/gpt2

Primary LanguageJupyter Notebook

Fine-Tuning GPT-2 on Custom Dataset

Overview

This project demonstrates how to fine-tune a pre-trained GPT-2 model on a custom text dataset. Fine-tuning a language model like GPT-2 can be useful for generating text that aligns with the style and content of the provided dataset. This project covers the entire process, from setting up the environment and preparing the data to training the model and generating text.

Table of Contents

  1. Project Description
  2. Model Architecture
  3. Setup and Installation
  4. Data Preparation
  5. Training the Model
  6. Generating Text
  7. Results
  8. License

Project Description

The goal of this project is to fine-tune a GPT-2 model on a custom dataset to create a specialized language model. This model can generate text that mimics the style and content of the training data.
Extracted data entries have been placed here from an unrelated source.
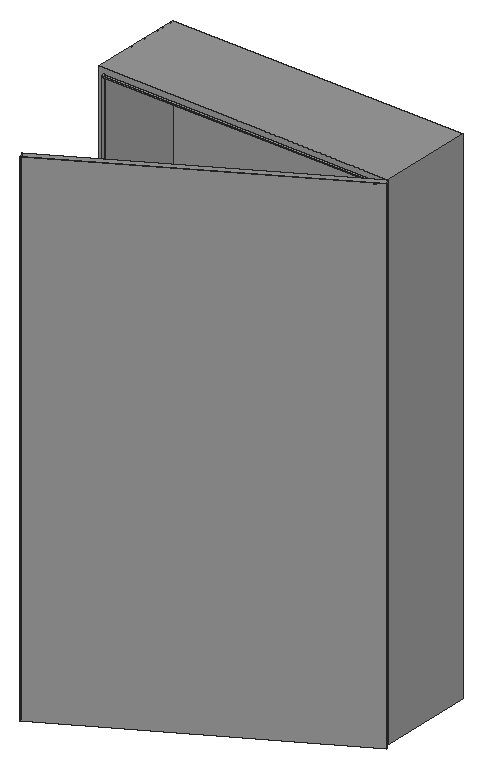
Revit family "Hager-Univers-IP55-D275-H1400-Cl.I-Steel_encl-NoHosted-CH-fr", category Electrical Equipment, Revit 2020
Family settings
  Panel Configuration = Two Columns, Circuits Across
  Round Connector Dimension = Use Diameter
  Part Type = Panelboard
  Work Plane-Based = Yes
  Always vertical = Yes
  Cut with Voids When Loaded = No
  Shared = No
  Room Calculation Point = No
Parameters (values of type "saillie IP55 L800 H1400 P275  - FR93E")
  Width Control [instance] = if([EF000008 - largeur] > Min Width, [EF000008 - largeur], Min Width)  # 800 mm
  Type Comments = [HG000003 - Gamme]  # "Univers"
  Thickness Door [instance] = if([EF009171 - épaisseur de matériau de la porte/du couvercle] > 3 mm, 3 mm, [EF009171 - épaisseur de matériau de la porte/du couvercle])  # 1.5 mm
  Seal Frame Offset [instance] = 17 mm  # constant formula
  Plinth Visibility [instance] = [HG000027 - Hauteur du socle] > 0 mm  # no
  Min Width [instance] = 100 mm  # constant formula
  Min Depth [instance] = (2 * [EF009170 - épaisseur de matériau du boîtier]) + 1 mm  # 4 mm
  Min Height [instance] = 100 mm  # constant formula
  Internal Frame Depth [instance] = (Door System Depth * 0.5)  # 9 mm
  Panel Name [instance] = ""  # (empty or 0)
  Model = ""
  HG000027 - Hauteur du socle = 0 mm
  HG000026 - Installation au sol = no
  HG000024 - Hauteur de la section basse = 600 mm
  HG000023 - Armoire double section = no
  HG000016 - Visibilité de la porte 3D [instance] = yes
  HG000015 - Visibilité de l'emprise de la porte [instance] = no
  HG000014 - Porte à droite [instance] = yes
  HG000013 - Porte à gauche [instance] = not([HG000014 - Porte à droite])  # no
  HG000012 - Angle de pivotement de la porte [instance] = 30.00°
  HG000010 - Portes asymétriques = no
  HG000009 - Porte à double battant = no
  HG000006 - Encastré = no
  HG000004 - Référence fabricant = "FR93E"
  HG000003 - Gamme = "Univers"
  HG000002 - avec porte = yes
  Frame Offset Bottom [instance] = 10 mm  # constant formula
  Frame Offset [instance] = 15 mm  # constant formula
  EF015940 - couvercle avec décharge de pression = no
  EF011959 - degré de protection (NEMA) = ""
  EF009554 - nombre d'ouvertures pour plaques à bride = 6
  EF009212 - finition du couvercle = "EV000116 - fermé"
  EF009171 - épaisseur de matériau de la porte/du couvercle = 1.5 mm
  EF009170 - épaisseur de matériau du boîtier = 1.5 mm
  EF008873 - courant nominal (In) = 800 A
  EF007800 - adapté à un parafoudre = no
  EF006306 - avec serrure = no
  EF006244 - couvercle/porte transparent(e) = no
  EF005474 - indice de protection (IP) = "EV006420 - IP55"
  EF004464 - type de porte = "EV002646 - unique"
  EF004427 - nombre de modules = 324
  EF004293 - indice de protection contre les chocs (IK) = "EV008784 - IK10"
  EF003532 - convient pour utilisation à l’extérieur = no
  EF002950 - largeur en nombre de modules = 24
  EF001613 - maintien de fonction = "EV000494 - sans"
  EF001596 - matériau du boîtier/corps = "EV000179 - acier"
  EF001131 - profondeur intérieure = 275 mm
  EF001088 - possibilité de montage en saillie = yes
  EF000437 - nombre d'entrées de conduit = 6
  EF000339 - type de capot = "EV004216 - porte"
  EF000266 - nombre de rangées = 9
  EF000218 - profondeur d'encastrement = 0 mm
  EF000118 - avec cadre/support de montage = no
  EF000116 - numéro RAL = "7035"
  EF000049 - profondeur = 275 mm
  EF000040 - hauteur = 1400 mm
  EF000008 - largeur = 800 mm
  EF000007 - couleur = "EV000270 - gris"
  EF000003 - mode de pose = "EV000384 - saillie"
  Door System Leaf Tolerance [instance] = 1.5 mm  # constant formula
  Door System Depth [instance] = 18 mm  # constant formula
  Door Height [instance] = Height Control - [HG000027 - Hauteur du socle]  # 1400 mm
  Description = ""
  Default Elevation = 1219.2 mm
  Connector Offset [instance] = Height Control / 2  # 700 mm
  Manufacturer = "Hager"  # constant formula
  Height Control [instance] = if([EF000040 - hauteur] > Min Height, [EF000040 - hauteur], Min Height)  # 1400 mm
  Depth Control [instance] = if([EF000049 - profondeur] > Min Depth, [EF000049 - profondeur], Min Depth)  # 275 mm
  Bottom Top Plate Trim [instance] = 1.5 mm  # constant formula
  Plinth height Ctrl [instance] = if([HG000027 - Hauteur du socle] > 0 mm, [HG000027 - Hauteur du socle], 12 mm)  # 12 mm
Types (5, lengths in mm): name | Width Control | HG000010 - Portes asymétriques | HG000009 - Porte à double battant | HG000004 - Référence fabricant | EF009554 - nombre d'ouvertures pour plaques à bride | EF004464 - type de porte | EF004427 - nombre de modules | EF000437 - nombre d'entrées de conduit | EF000008 - largeur
  saillie IP55 L1050 H1400 P275  - FR94E | 1050 | no | yes | "FR94E" | 8 | "EV003602 - double" | 432 | 8 | 1050
  saillie IP55 L1300 H1400 P275  - FR95E | 1300 | yes | yes | "FR95E" | 10 | "EV003602 - double" | 540 | 10 | 1300
  saillie IP55 L300 H1400 P275  - FR91E | 300 | no | no | "FR91E" | 2 | "EV002646 - unique" | 108 | 2 | 300
  saillie IP55 L550 H1400 P275  - FR92E | 550 | no | no | "FR92E" | 4 | "EV002646 - unique" | 216 | 4 | 550
  saillie IP55 L800 H1400 P275  - FR93E | 800 | no | no | "FR93E" | 6 | "EV002646 - unique" | 324 | 6 | 800
Reference planes
  plane 1 "Center (Front/Back)": y = 0
  plane 2: z = 0
  plane 3 "Center (Left/Right)": x = 0
  plane 4: y = 0
  plane 5: y = 0
  plane 6: z = 0
  plane 7: x = -400
  plane 8: x = 400
  plane 9: x = 398.5
  plane 10: x = -398.5
  plane 11: z = 0
  plane 12: z = 1.5
  plane 13: y = -275
  plane 14: y = -1.5
  plane 15: x = 0
  plane 16: y = -257
  plane 17: y = -273.5
  plane 18: y = -255.5
  plane 19: x = -383.5
  plane 20: x = 383.5
  plane 21: z = 11.5
  plane 22: x = -383
  plane 23: x = 383
  plane 24: z = 0
  plane 25: z = 1400
  plane 26: z = 1400
  plane 27: z = 1383.5
  plane 28: z = 1398.5
Forms (mm)
  Extrusion 1, solid, material "Hager_Steel_RAL7035_Light_Grey", detail levels medium+fine
    sketch origin (-208.679, -4572, 0) x (-1, 0, 0) y (0, -1, 0)
      loop
        line (191.321, -4315) -> (-608.679, -4315) -> (-608.679, -4572) -> (191.321, -4572) -> (191.321, -4315)
    from 0 to 1400
  Extrusion 2, void
    sketch origin (-350.771, -275, 1219.2) x (1, 0, 0) y (0, 0, 1)
      loop
        line (-47.729, 179.3) -> (-47.729, -1217.7) -> (749.271, -1217.7) -> (749.271, 179.3) -> (-47.729, 179.3)
    from -19.5 to -273.5
  Extrusion 3, void
    sketch origin (-290.084, -257, 1219.2) x (1, 0, 0) y (0, 0, 1)
      loop
        line (-93.416, -1207.7) -> (673.584, -1207.7) -> (673.584, 164.3) -> (-93.416, 164.3) -> (-93.416, -1207.7)
    from 0 to -1.5
  Extrusion 4, solid, material "Hager_Steel_RAL7035_Light_Grey", visible <- "Plinth Visibility", detail levels medium+fine
    sketch origin (0, 0, 0) x (1, 0, 0) y (0, 1, 0)
      loop
        line (-400, 0) -> (-400, -257) -> (400, -257) -> (400, 0) -> (-400, 0)
    from 0 to 12 <- "Plinth height Ctrl"
  Extrusion 5, solid, material "Hager_Steel_RAL7035_Light_Grey", detail levels coarse
    sketch origin (0, 0, 0) x (1, 0, 0) y (0, 1, 0)
      loop
        line (-400, 0) -> (-400, -275) -> (400, -275) -> (400, 0) -> (-400, 0)
    from 0 to 1400 <- "Height Control"
  Sweep 6, void
    path in 3D
      loop
        line (-400, -257, 12) -> (400, -257, 12) -> (400, 0, 12) -> (-400, 0, 12) -> (-400, -257, 12)
    profile origin (-400, -128.5, 12) x (1, 0, 0) y (0, 0, 1)
      loop
        line (0, 0) -> (0, -1.5) -> (1.5, -1.5)
        arc (1.5, -1.5) -> (1.061, -0.439) -> (0, 0) r 1.5
  Extrusion 7, solid, material "Hager_Steel_RAL7035_Light_Grey", detail levels fine
    sketch origin (-400, -257, 0) x (1, 0, 0) y (0, 0, 1)
      loop
        line (16.5, 11.5) -> (783.5, 11.5) -> (783.5, 1383.5) -> (16.5, 1383.5) -> (16.5, 11.5)
      loop
        line (15, 10) -> (785, 10) -> (785, 1385) -> (15, 1385) -> (15, 10)
    from 0 to 9 <- "Internal Frame Depth"
Cuts and joins
  Extrusion 2, Extrusion 3 cuts Extrusion 1
  Sweep 6 cuts Extrusion 4
Lines and regions (mm)
  Masking region 1
    outline origin (0, 0, 0) x (1, 0, 0) y (0, 1, 0)
      loop
        line (-400, 0) -> (-400, -275) -> (400, -275) -> (400, 0) -> (-400, 0)
  Masking region 2, detail levels coarse
    outline origin (-290.084, -257, 1219.2) x (-1, 0, 0) y (0, 0, 1)
      loop
        line (-690.084, -1219.2) -> (109.916, -1219.2) -> (109.916, 180.8) -> (-690.084, 180.8) -> (-690.084, -1219.2)
  Masking region 3, detail levels coarse
    outline origin (0, 0, 0) x (0, 1, 0) y (0, 0, 1)
      loop
        line (0, 0) -> (0, 1400) -> (-275, 1400) -> (-275, 0) -> (0, 0)
  Masking region 4, visible <- "Plinth Visibility", detail levels medium+fine
    outline origin (0, 0, 0) x (0, 1, 0) y (0, 0, 1)
      loop
        line (-1.5, 12) -> (-255.5, 12)
        arc (-255.5, 12) -> (-255.939, 10.939) -> (-257, 10.5) r 1.5
        line (-257, 10.5) -> (-257, 0) -> (0, 0) -> (0, 10.5)
        arc (0, 10.5) -> (-1.061, 10.939) -> (-1.5, 12) r 1.5
  Masking region 5, detail levels medium+fine
    outline origin (0, 0, 594.038) x (0, 1, 0) y (0, 0, 1)
      loop
        line (0, -594.038) -> (0, 805.962) -> (-257, 805.962) -> (-257, -594.038) -> (0, -594.038)
  Masking region 6, detail levels medium+fine
    outline origin (-359.7, -257, 1211.883) x (-1, 0, 0) y (0, 0, 1)
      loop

The project involves the following steps:

  1. Setting Up the Environment: Installing necessary libraries and dependencies.
  2. Data Preparation: Formatting and loading the custom dataset for training.
  3. Fine-Tuning the Model: Training the GPT-2 model on the custom dataset.
  4. Generating Text: Using the fine-tuned model to generate text.

Model Architecture

GPT-2 (Generative Pre-trained Transformer 2) is an open-source language model developed by OpenAI. It is a transformer-based model with the following key features:

  • Transformer Architecture: GPT-2 uses the transformer architecture, which includes self-attention mechanisms to process input sequences. This architecture is highly effective for various natural language processing tasks.
  • Pre-trained on Large Corpus: GPT-2 is pre-trained on a diverse and extensive dataset, enabling it to generate coherent and contextually relevant text.
  • Fine-Tuning: The model can be fine-tuned on specific datasets to adapt its output style and content to match the training data.

Model Details

  • Layers: GPT-2 consists of multiple transformer layers. The number of layers can vary depending on the specific GPT-2 variant used (e.g., GPT-2 small, medium, large).
  • Attention Heads: Each layer has multiple attention heads, allowing the model to focus on different parts of the input sequence simultaneously.
  • Feedforward Networks: Each transformer layer includes feedforward networks for processing the attention outputs.
  • Positional Encoding: GPT-2 uses positional encodings to retain the order of tokens in the input sequence.

Setup and Installation

To set up the environment and install the required libraries, follow the llm_env create folder.

Data Preparation

Prepare your custom dataset by ensuring it is in a suitable format for training. Each line in the dataset should be a separate training example. Save the dataset in a text file, e.g., data.txt.

Training the Model

Fine-tuning the GPT-2 model involves the following steps:

  1. Load the Pre-trained Model and Tokenizer: Initialize the GPT-2 model and tokenizer from the transformers library.
  2. Set the Padding Token: Ensure the tokenizer uses a padding token.
  3. Load the Dataset: Use the datasets library to load and tokenize the custom dataset.
  4. Define Training Arguments: Set up training parameters such as batch size, number of epochs, and output directory.
  5. Create a Trainer: Use the Trainer class from the transformers library to manage the training loop.
  6. Train the Model: Fine-tune the GPT-2 model on the custom dataset.
  7. Save the Model and Tokenizer: Save the fine-tuned model and tokenizer for later use.

Generating Text

After fine-tuning, use the model to generate text:

  1. Load the Fine-Tuned Model and Tokenizer: Initialize the model and tokenizer from the saved files.
  2. Encode Input Text: Tokenize the input prompt.
  3. Generate Text: Use the model to generate text based on the input prompt.
  4. Decode the Output: Convert the generated token IDs back to text.

Results

After training, the fine-tuned model can generate text that aligns with the style and content of your custom dataset. Here’s an example of text generated by the fine-tuned model:

What is my name? Harsh Anand. In my next blog, I am working on LLM.